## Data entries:
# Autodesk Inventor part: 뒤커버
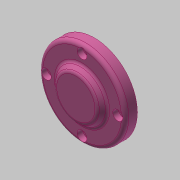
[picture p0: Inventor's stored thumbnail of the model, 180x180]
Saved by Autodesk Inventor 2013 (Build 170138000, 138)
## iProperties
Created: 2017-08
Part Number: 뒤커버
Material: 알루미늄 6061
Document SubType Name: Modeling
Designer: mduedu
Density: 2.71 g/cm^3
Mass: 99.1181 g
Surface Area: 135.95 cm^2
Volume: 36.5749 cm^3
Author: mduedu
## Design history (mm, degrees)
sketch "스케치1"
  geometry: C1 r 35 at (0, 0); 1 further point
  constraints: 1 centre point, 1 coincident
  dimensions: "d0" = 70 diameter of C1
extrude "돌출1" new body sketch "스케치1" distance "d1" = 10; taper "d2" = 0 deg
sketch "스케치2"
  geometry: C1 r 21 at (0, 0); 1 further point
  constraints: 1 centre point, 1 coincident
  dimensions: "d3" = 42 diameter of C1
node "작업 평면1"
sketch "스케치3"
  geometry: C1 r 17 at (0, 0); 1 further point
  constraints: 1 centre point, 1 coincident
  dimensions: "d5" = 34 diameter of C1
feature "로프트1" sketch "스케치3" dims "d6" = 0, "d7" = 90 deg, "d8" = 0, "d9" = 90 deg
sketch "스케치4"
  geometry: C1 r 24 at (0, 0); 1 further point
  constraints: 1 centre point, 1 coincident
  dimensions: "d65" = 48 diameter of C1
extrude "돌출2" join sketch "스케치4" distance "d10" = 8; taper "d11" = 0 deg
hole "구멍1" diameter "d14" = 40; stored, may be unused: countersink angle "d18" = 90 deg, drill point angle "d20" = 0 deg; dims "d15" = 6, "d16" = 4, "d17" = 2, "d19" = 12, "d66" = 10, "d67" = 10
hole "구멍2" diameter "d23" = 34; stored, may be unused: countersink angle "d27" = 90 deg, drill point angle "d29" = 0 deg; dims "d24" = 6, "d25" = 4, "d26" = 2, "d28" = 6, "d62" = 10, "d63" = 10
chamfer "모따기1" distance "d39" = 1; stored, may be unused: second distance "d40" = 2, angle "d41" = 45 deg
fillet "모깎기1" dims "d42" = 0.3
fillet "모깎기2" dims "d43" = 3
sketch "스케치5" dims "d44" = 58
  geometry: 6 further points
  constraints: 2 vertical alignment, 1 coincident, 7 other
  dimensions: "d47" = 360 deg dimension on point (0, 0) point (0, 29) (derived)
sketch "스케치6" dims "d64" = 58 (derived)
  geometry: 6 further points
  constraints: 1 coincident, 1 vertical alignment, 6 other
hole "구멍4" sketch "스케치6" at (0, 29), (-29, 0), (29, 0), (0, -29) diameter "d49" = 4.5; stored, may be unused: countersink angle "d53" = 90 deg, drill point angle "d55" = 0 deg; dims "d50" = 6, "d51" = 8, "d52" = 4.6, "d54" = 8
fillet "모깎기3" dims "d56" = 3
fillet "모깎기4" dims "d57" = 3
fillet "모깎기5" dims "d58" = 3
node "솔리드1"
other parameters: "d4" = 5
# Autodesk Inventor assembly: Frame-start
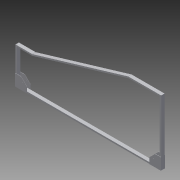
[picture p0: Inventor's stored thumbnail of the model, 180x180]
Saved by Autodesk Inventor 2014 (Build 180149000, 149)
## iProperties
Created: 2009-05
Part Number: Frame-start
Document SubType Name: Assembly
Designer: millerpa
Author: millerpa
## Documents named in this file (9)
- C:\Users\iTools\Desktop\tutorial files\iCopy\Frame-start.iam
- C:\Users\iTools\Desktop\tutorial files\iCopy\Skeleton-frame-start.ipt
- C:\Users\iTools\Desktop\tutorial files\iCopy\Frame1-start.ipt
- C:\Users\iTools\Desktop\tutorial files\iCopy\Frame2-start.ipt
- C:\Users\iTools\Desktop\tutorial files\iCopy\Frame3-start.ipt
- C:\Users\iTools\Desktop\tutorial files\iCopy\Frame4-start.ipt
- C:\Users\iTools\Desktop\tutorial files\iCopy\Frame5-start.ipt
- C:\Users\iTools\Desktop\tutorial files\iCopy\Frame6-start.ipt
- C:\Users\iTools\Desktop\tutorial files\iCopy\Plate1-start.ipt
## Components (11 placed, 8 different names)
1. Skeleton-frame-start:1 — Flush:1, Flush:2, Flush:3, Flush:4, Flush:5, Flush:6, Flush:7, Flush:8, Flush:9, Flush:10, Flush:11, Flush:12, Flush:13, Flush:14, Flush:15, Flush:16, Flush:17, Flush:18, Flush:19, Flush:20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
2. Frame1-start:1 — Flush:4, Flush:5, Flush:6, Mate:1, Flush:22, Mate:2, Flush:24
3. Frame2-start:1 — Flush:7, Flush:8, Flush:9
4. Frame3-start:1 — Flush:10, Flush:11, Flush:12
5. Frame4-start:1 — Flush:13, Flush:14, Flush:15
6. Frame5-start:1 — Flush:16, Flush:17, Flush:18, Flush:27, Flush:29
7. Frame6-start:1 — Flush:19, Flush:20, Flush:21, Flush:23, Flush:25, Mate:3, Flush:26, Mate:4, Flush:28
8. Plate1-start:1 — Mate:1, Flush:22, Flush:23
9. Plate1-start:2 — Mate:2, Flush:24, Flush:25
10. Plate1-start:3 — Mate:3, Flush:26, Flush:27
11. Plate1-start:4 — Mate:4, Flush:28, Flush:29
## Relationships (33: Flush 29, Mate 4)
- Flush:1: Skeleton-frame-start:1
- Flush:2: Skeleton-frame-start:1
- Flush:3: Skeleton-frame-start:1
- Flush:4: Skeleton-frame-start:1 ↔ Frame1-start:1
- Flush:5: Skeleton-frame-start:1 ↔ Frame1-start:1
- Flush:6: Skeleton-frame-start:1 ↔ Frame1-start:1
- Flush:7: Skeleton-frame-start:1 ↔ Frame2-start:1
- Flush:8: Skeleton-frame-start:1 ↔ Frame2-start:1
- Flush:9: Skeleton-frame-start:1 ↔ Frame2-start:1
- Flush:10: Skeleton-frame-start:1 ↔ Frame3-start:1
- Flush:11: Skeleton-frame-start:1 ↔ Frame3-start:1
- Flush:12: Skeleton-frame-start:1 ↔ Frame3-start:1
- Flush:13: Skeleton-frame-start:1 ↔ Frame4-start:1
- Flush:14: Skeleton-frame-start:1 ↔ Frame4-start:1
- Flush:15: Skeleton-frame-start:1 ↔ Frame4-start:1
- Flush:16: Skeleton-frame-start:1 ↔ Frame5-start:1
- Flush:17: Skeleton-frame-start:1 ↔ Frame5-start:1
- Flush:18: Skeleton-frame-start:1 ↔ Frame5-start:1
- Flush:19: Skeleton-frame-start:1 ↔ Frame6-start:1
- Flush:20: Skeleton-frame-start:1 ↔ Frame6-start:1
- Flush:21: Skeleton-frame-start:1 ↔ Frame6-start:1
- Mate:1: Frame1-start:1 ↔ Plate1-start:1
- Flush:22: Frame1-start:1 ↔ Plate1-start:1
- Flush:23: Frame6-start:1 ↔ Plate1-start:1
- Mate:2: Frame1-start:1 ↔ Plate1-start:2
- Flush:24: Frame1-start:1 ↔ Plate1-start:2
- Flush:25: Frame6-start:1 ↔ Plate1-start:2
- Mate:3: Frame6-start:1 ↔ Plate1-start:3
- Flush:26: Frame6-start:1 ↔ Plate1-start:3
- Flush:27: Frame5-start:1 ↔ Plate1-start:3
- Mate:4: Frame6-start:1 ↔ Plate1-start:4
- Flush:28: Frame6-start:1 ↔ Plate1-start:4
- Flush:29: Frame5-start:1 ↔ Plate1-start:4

## YOUR OBJECTIVE:
Filter the data above by the word "distance" and copy every line that matches.

## YOUR RESPONSE:
extrude "돌출1" new body sketch "스케치1" distance "d1" = 10; taper "d2" = 0 deg
extrude "돌출2" join sketch "스케치4" distance "d10" = 8; taper "d11" = 0 deg
chamfer "모따기1" distance "d39" = 1; stored, may be unused: second distance "d40" = 2, angle "d41" = 45 deg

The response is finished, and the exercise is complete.